> _Description of the task_
Report the number of lines in the records below that hold "font", and leave out everything else.

- Opening Delimiter -

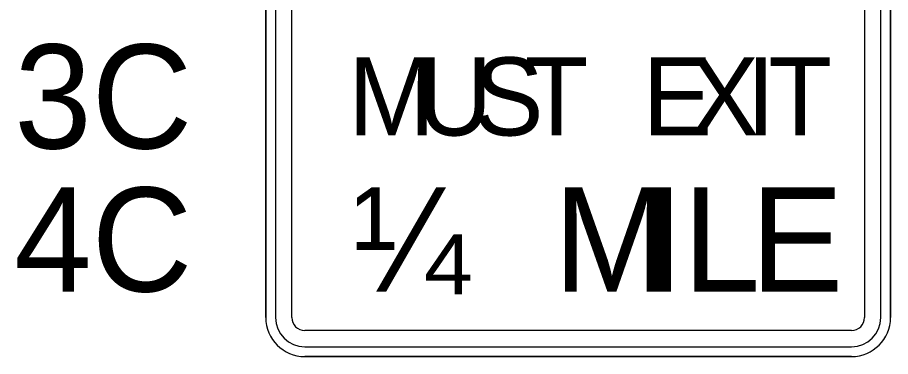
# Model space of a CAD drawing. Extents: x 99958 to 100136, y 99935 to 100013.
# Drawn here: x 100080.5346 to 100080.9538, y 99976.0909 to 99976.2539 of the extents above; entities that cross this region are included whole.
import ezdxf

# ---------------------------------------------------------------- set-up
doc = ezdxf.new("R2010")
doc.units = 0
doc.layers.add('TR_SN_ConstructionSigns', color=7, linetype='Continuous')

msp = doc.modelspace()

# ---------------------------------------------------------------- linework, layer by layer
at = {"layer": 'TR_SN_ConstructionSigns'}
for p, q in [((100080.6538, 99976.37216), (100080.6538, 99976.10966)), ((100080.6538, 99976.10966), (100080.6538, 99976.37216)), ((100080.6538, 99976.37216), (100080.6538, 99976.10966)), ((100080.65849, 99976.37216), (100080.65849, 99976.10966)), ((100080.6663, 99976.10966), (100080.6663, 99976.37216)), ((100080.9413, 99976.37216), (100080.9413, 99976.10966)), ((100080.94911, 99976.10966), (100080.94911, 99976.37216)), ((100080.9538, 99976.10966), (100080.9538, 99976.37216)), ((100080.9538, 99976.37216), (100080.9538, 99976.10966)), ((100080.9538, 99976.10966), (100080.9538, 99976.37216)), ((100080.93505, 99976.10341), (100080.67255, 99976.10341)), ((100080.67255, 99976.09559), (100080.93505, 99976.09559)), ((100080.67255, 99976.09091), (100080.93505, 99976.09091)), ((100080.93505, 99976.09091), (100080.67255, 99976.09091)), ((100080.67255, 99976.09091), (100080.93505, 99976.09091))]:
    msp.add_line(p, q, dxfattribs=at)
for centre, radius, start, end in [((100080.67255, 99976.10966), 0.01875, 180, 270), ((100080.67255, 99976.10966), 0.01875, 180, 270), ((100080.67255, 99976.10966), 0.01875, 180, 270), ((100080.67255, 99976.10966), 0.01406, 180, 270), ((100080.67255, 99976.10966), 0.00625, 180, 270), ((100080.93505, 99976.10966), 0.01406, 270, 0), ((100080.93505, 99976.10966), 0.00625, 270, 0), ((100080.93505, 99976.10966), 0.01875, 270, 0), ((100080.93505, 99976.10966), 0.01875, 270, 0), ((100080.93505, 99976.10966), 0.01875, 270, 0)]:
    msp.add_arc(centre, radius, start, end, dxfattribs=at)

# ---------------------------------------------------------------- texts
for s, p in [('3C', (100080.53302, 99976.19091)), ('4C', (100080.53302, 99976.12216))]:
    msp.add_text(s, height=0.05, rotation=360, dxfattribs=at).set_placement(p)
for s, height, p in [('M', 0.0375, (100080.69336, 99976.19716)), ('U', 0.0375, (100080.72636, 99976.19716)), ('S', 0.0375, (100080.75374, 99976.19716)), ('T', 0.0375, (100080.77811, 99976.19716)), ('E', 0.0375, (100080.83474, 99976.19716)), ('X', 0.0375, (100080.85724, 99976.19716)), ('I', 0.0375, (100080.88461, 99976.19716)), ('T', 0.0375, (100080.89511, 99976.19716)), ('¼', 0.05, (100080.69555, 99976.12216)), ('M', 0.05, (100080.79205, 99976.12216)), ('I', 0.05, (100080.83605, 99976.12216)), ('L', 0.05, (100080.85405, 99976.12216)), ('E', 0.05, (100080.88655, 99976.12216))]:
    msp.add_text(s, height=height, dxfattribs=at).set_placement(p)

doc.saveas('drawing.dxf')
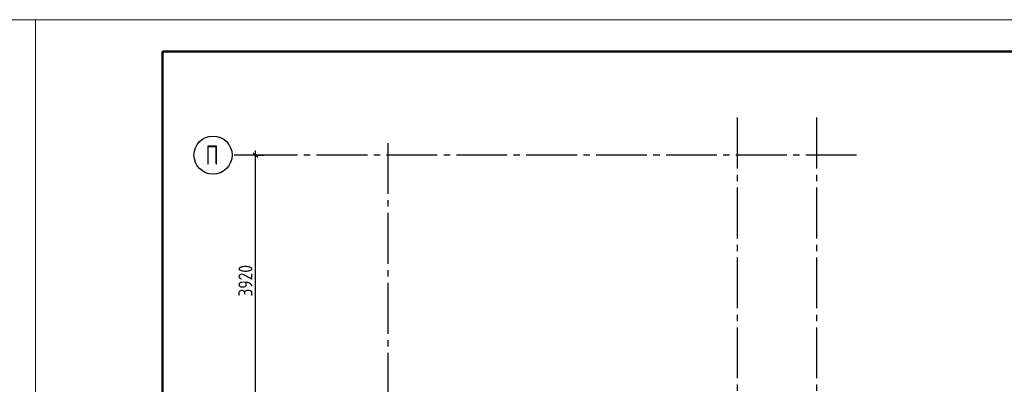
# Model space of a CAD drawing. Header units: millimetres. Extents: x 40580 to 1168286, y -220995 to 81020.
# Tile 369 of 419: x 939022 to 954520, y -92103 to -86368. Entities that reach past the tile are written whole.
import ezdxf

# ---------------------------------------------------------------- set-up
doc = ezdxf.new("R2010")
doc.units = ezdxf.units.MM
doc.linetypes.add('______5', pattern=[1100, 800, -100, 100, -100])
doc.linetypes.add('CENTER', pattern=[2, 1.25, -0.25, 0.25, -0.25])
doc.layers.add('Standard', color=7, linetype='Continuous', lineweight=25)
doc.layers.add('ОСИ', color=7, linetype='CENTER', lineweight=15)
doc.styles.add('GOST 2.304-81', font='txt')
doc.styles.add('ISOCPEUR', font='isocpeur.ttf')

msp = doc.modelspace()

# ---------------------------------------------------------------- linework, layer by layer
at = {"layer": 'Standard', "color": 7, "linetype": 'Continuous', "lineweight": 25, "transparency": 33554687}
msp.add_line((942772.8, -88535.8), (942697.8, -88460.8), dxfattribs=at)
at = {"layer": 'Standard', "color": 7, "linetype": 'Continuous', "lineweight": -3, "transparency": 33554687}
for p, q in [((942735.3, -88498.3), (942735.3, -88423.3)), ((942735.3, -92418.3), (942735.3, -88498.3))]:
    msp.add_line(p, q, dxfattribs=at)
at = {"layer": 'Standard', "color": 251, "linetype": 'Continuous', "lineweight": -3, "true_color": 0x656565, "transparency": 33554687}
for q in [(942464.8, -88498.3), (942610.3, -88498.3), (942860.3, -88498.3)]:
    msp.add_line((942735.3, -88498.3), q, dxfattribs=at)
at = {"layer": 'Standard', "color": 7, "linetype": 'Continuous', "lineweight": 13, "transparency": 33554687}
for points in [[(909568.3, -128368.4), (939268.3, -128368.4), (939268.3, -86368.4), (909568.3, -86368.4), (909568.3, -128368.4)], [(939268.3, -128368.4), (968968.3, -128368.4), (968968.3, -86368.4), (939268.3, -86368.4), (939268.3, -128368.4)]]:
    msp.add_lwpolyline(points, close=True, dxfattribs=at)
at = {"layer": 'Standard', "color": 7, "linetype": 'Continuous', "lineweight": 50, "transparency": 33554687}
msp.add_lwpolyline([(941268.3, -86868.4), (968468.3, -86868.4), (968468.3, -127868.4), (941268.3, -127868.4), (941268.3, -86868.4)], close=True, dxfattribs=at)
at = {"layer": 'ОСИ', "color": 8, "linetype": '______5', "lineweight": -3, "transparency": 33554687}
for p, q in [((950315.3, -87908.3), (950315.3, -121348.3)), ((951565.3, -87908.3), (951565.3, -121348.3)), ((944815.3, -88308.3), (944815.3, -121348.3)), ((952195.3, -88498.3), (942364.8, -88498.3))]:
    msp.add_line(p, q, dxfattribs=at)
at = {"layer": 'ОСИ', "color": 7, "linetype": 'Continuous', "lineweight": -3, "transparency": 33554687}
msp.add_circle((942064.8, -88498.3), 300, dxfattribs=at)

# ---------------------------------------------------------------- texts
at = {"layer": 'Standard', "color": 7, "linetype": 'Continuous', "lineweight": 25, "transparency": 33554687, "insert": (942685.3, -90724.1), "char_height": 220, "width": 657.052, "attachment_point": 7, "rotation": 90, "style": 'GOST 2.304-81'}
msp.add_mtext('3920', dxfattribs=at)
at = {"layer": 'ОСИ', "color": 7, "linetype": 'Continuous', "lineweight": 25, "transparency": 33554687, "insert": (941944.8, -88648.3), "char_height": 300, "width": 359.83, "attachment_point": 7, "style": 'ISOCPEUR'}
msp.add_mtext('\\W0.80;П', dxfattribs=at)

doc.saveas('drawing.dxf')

- Closing Delimiter -

> _Output_
2